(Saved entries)
◆ ◆ ◆ ◆ ◆

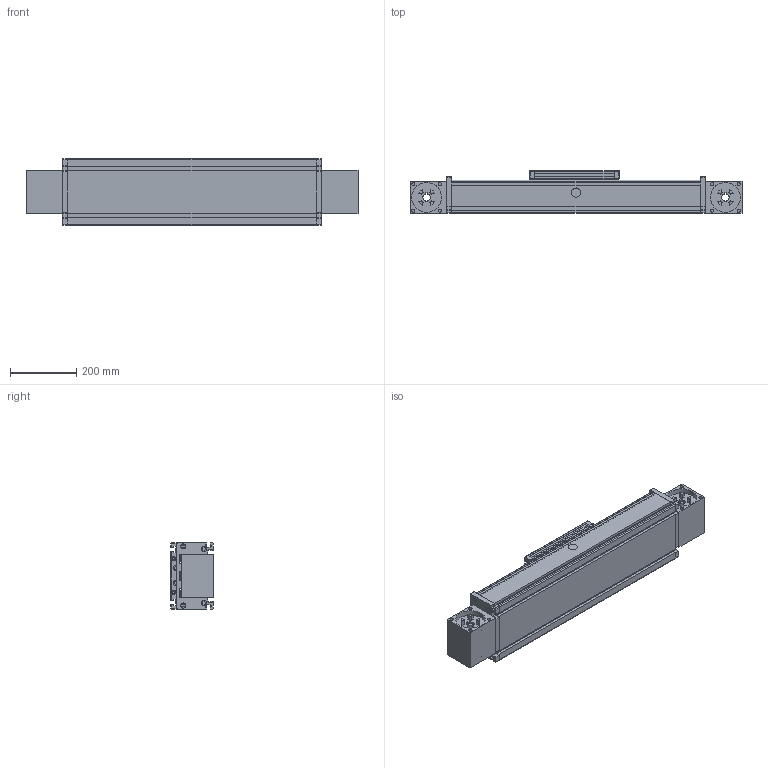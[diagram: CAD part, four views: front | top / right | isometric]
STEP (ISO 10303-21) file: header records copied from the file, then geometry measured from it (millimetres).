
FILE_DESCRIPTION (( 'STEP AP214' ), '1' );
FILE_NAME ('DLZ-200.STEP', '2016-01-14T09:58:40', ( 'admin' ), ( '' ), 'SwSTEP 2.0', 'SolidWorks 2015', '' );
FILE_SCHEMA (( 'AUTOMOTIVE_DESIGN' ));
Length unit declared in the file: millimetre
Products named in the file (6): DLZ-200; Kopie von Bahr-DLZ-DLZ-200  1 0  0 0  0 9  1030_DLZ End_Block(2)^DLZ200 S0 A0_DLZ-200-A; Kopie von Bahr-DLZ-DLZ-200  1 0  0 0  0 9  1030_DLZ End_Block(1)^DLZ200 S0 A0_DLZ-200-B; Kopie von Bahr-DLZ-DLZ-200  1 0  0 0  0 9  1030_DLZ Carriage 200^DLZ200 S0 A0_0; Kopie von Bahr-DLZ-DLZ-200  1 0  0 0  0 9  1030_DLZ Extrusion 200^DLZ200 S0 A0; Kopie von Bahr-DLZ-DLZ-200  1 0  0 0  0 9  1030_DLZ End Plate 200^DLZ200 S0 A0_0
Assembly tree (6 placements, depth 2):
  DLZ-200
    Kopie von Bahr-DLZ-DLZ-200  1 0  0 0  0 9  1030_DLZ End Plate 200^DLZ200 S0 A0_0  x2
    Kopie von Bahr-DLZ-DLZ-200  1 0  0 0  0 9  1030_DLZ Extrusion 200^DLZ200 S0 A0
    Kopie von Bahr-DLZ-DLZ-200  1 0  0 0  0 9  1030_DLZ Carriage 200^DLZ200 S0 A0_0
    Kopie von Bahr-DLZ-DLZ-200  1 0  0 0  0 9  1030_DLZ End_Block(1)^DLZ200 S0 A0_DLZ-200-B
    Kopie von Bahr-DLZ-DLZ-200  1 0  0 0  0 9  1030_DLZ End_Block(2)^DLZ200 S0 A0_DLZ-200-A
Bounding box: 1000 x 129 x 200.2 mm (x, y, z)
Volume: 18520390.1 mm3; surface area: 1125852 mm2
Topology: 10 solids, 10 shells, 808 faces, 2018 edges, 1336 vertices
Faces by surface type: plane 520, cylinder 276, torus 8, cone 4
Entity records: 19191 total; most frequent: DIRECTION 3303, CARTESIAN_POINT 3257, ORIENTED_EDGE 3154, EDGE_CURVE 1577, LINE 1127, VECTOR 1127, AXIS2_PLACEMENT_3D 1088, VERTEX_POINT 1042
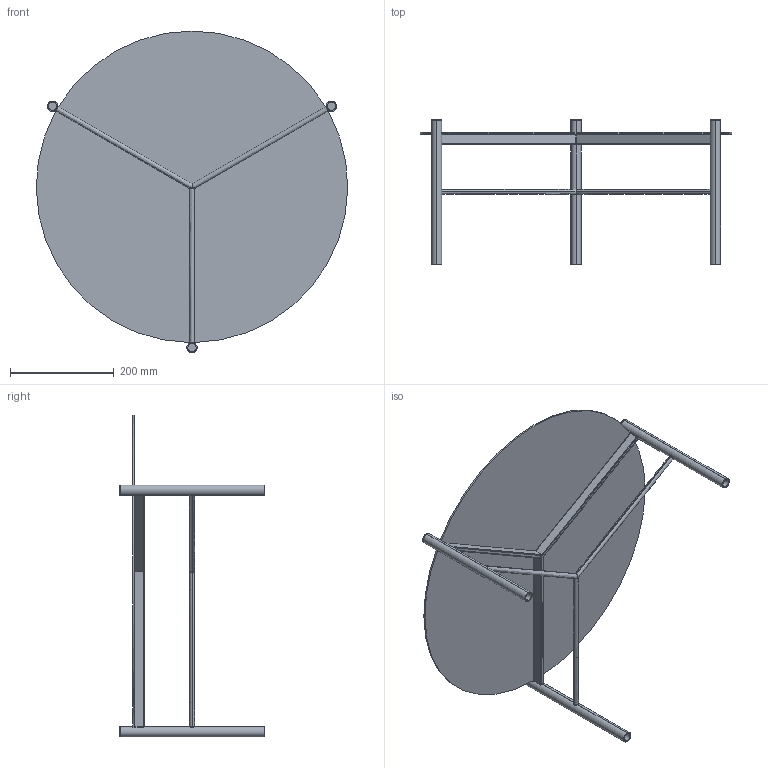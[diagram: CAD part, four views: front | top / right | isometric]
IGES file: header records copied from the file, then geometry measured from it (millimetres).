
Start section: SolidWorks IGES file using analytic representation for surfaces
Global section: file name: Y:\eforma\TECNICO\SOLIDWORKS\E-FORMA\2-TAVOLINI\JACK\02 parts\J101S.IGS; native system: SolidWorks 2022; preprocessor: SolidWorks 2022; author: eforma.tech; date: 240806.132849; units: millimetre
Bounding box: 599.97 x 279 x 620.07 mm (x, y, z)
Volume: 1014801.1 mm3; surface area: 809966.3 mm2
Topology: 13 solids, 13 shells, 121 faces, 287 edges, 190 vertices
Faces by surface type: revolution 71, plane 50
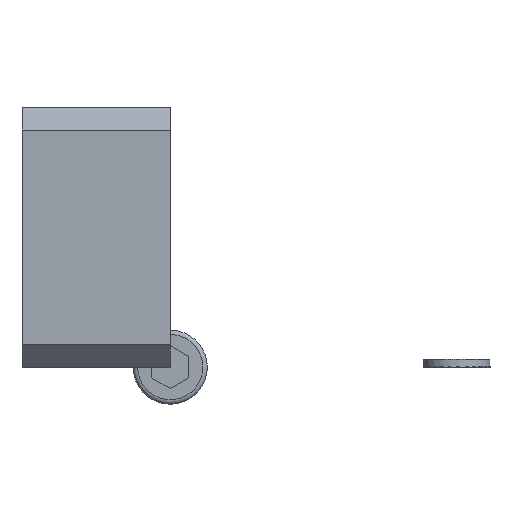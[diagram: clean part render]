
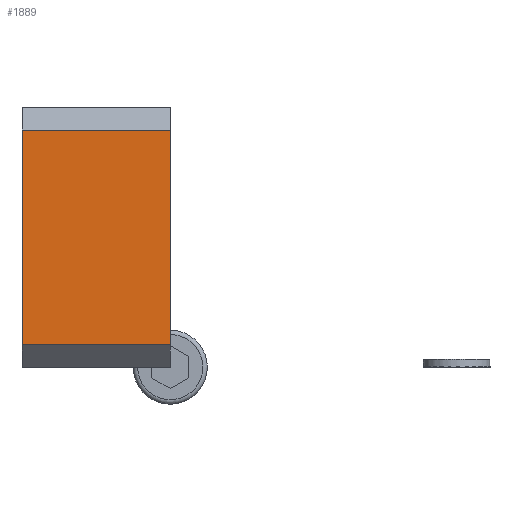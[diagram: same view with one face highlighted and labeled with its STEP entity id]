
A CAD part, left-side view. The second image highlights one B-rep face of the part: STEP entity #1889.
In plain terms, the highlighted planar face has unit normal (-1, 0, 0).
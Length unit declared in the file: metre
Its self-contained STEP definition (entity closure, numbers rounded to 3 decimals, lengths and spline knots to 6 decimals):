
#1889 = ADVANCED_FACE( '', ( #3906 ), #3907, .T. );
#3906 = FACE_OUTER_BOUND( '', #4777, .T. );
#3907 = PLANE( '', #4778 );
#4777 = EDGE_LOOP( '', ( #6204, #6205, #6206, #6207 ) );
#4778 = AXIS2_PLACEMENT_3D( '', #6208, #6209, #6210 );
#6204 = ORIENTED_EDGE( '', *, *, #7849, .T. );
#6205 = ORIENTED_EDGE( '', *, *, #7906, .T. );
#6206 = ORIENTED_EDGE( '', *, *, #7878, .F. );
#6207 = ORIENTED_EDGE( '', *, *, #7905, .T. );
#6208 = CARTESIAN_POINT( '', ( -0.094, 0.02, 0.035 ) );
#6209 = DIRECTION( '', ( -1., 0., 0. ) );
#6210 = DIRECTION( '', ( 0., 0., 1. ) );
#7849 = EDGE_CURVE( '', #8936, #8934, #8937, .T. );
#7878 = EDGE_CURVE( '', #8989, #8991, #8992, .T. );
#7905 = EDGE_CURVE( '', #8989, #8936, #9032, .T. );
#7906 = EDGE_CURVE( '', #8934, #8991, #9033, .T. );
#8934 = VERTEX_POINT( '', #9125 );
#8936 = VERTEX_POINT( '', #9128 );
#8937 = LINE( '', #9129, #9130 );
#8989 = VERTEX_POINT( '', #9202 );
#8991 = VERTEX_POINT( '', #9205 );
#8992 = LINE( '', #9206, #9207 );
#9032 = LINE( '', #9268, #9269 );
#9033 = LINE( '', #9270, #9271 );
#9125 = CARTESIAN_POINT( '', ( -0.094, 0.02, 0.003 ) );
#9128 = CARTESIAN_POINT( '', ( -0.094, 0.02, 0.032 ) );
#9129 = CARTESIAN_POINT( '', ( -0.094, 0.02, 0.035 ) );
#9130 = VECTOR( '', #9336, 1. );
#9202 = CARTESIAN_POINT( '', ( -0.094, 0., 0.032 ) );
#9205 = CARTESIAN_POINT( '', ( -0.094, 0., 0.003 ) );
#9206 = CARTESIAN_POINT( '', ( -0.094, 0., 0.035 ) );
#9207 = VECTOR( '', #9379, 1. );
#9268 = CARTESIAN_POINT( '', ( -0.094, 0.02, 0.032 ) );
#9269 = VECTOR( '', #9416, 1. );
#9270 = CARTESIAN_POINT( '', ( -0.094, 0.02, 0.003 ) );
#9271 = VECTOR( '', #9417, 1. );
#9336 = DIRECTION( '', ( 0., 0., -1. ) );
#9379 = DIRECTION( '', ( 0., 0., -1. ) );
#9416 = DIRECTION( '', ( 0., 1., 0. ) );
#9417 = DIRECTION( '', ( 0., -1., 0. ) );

◆ ◆ ◆ ◆ ◆

About this task:
Check each line above for the string "area" and return those that contain it.

Expected answer:
Volume: 18520390.1 mm3; surface area: 1125852 mm2
Volume: 1014801.1 mm3; surface area: 809966.3 mm2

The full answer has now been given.